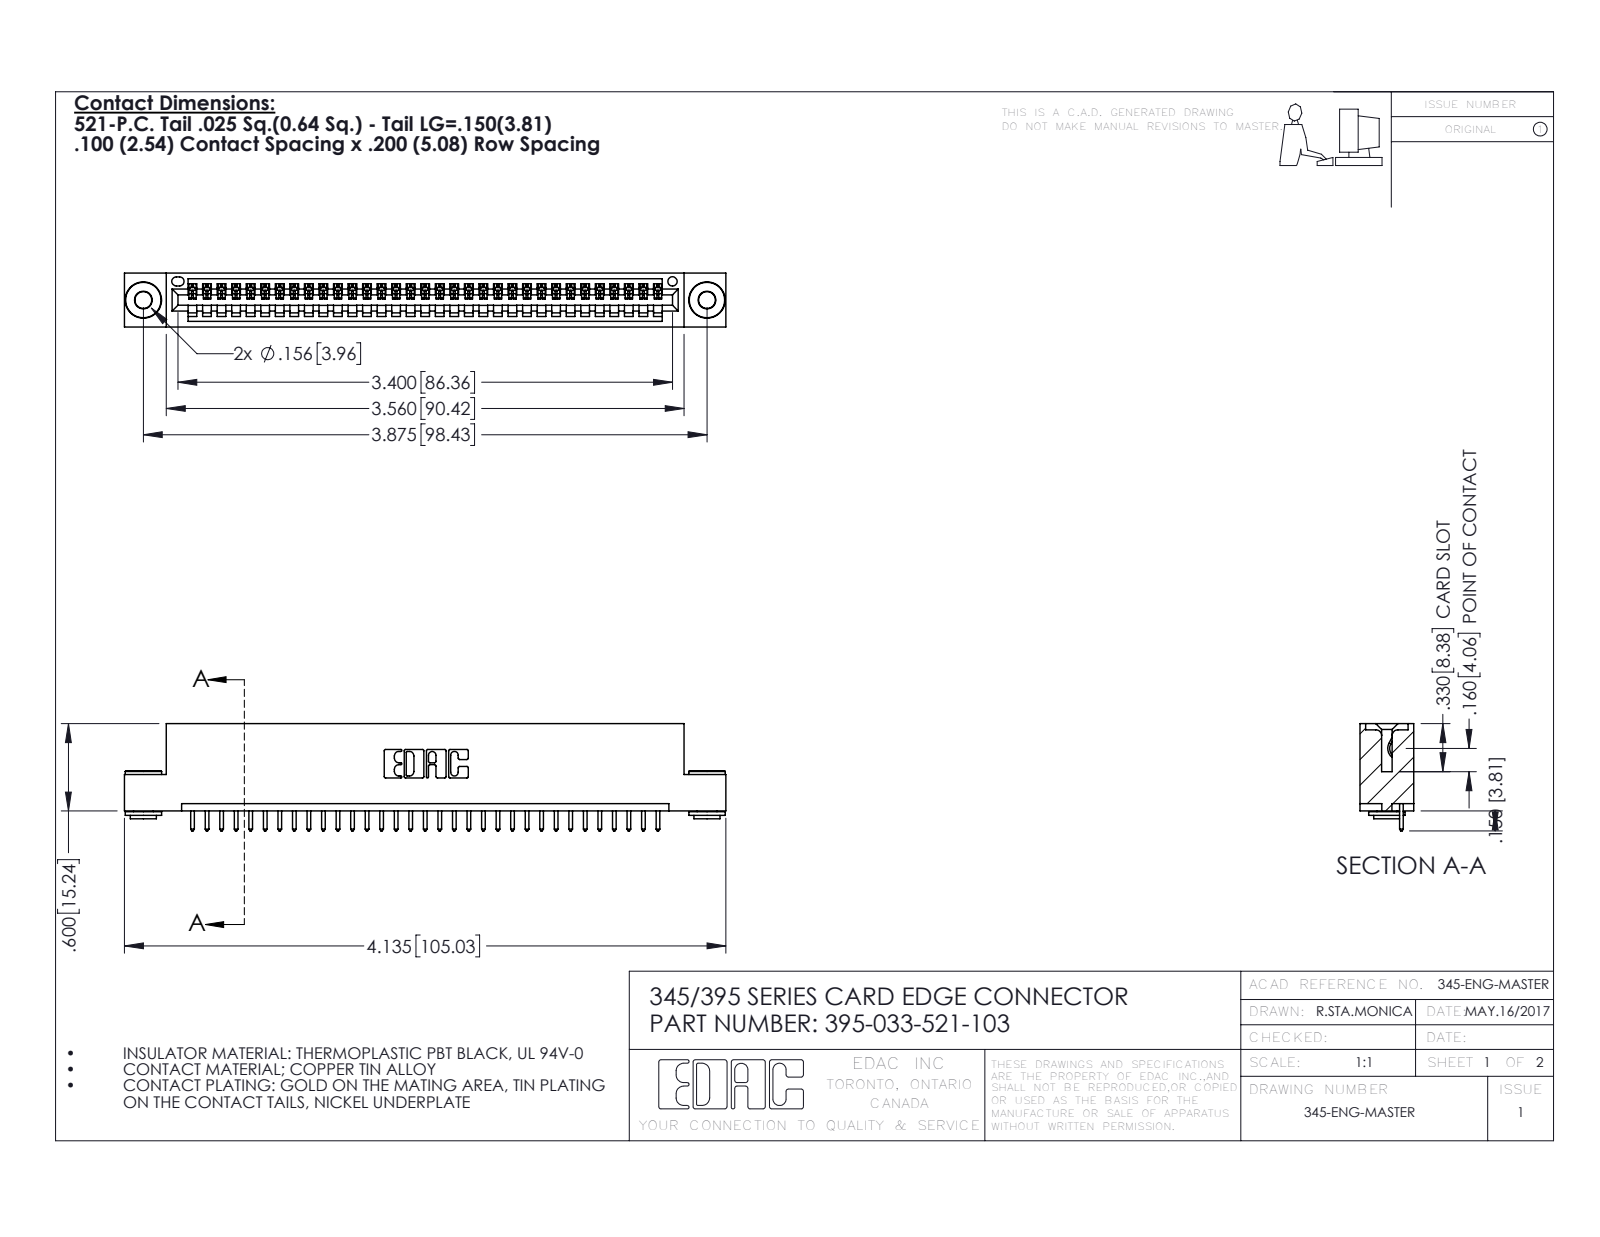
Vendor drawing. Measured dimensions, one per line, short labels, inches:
name: 395-033-521-103; 345 Part_Flush Mounting Lugs - 0.156 Dia-TH; 345-292-001_345-293-121; 345-250-002_345-250-002-102
written by: SolidWorks 2016 (CONFIG_CONTROL_DESIGN)
unit: in
bodies: 36 solids, 2078 faces (1410 planar, 660 cylindrical, 8 other)
size: 4.135 × 0.737 × 0.37
volume: 0.6 in³; area: 19.82 in²
holes: 2× ⌀0.116, 2× ⌀0.156, 1× ⌀0.064
bosses: 2× ⌀0.25, 2× ⌀0.18, 2× ⌀0.136
rounds: 66× R0.006, 66× R0.01, 22× R0.01, 6× R0.007, 6× R0.031, 3× R0.026, 2× R0.031, 2× R0.04
face distances: 0.072, 0.298, 0.2, 0.37, 0.025, 0.098, 0.272, 0.225, 0.149, 0.072
hole spacings: 0.27, 3.64, 3.875
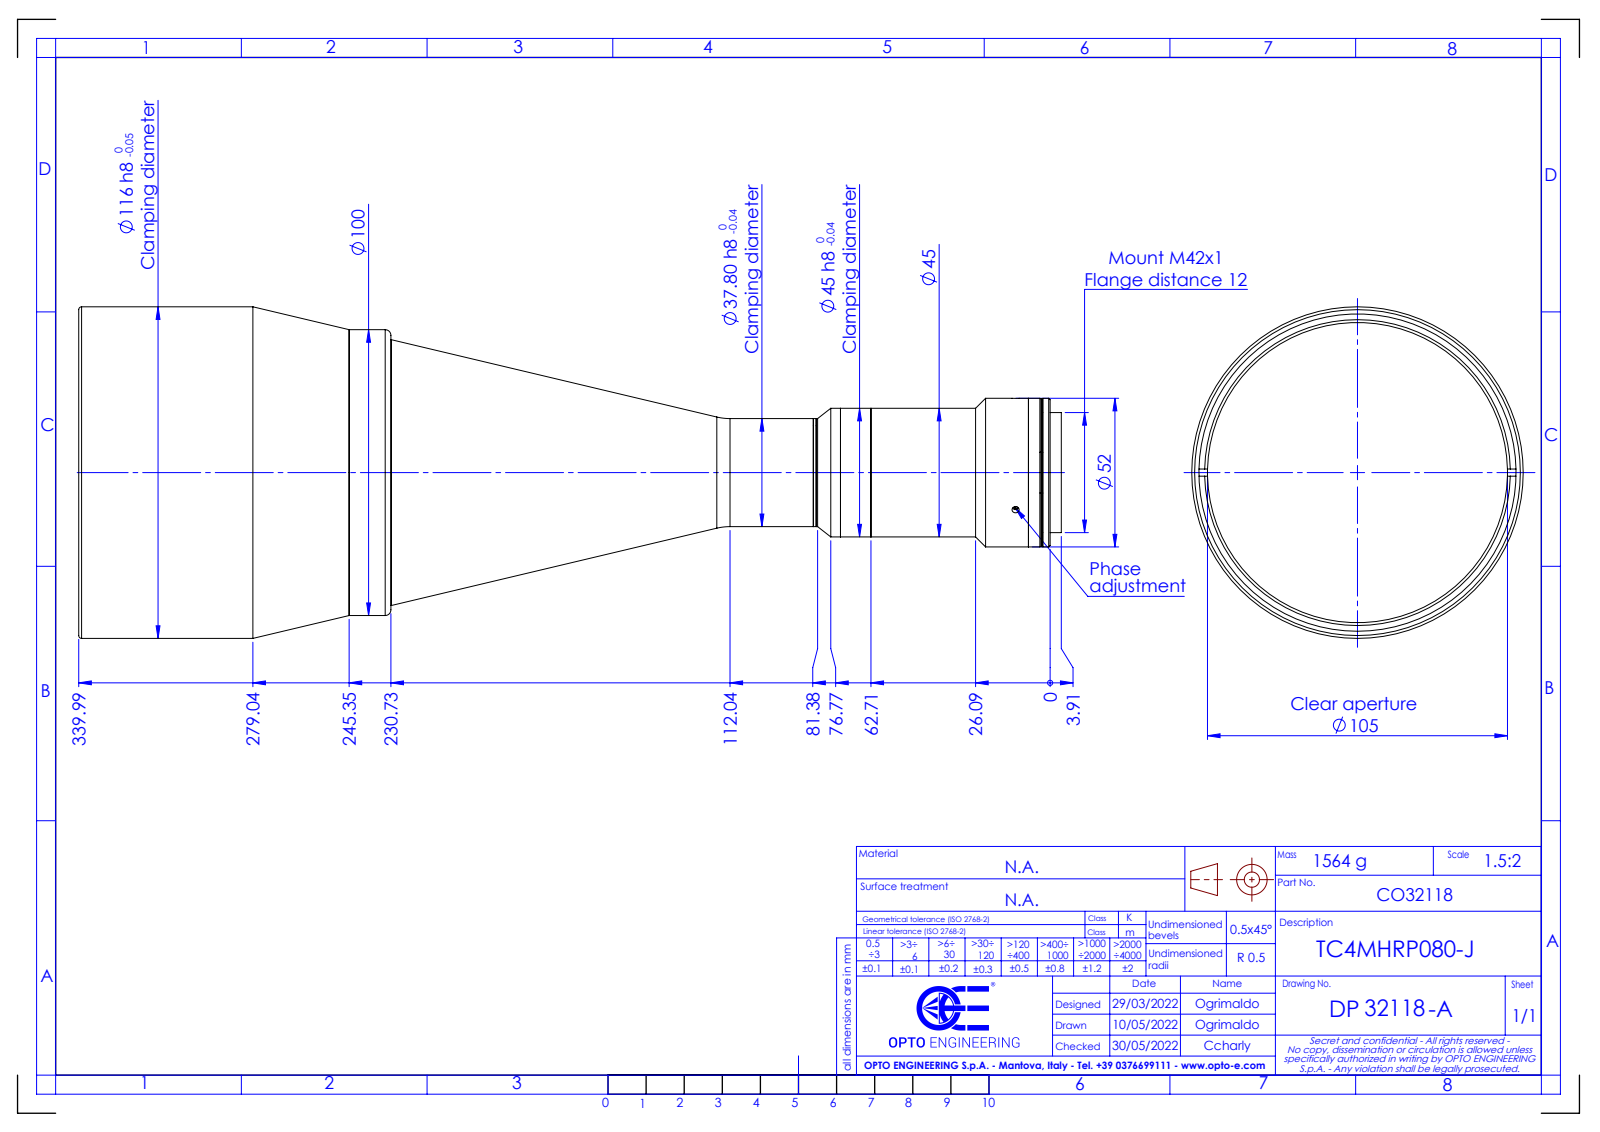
───
*Exercise directions*
Although the records above include pictures, the copy must contain only their exact text.

*Answer to the problem*
Vendor drawing. Measured dimensions, one per line, short labels, inches:
name: 395-033-521-103; 345 Part_Flush Mounting Lugs - 0.156 Dia-TH; 345-292-001_345-293-121; 345-250-002_345-250-002-102
written by: SolidWorks 2016 (CONFIG_CONTROL_DESIGN)
unit: in
bodies: 36 solids, 2078 faces (1410 planar, 660 cylindrical, 8 other)
size: 4.135 × 0.737 × 0.37
volume: 0.6 in³; area: 19.82 in²
holes: 2× ⌀0.116, 2× ⌀0.156, 1× ⌀0.064
bosses: 2× ⌀0.25, 2× ⌀0.18, 2× ⌀0.136
rounds: 66× R0.006, 66× R0.01, 22× R0.01, 6× R0.007, 6× R0.031, 3× R0.026, 2× R0.031, 2× R0.04
face distances: 0.072, 0.298, 0.2, 0.37, 0.025, 0.098, 0.272, 0.225, 0.149, 0.072
hole spacings: 0.27, 3.64, 3.875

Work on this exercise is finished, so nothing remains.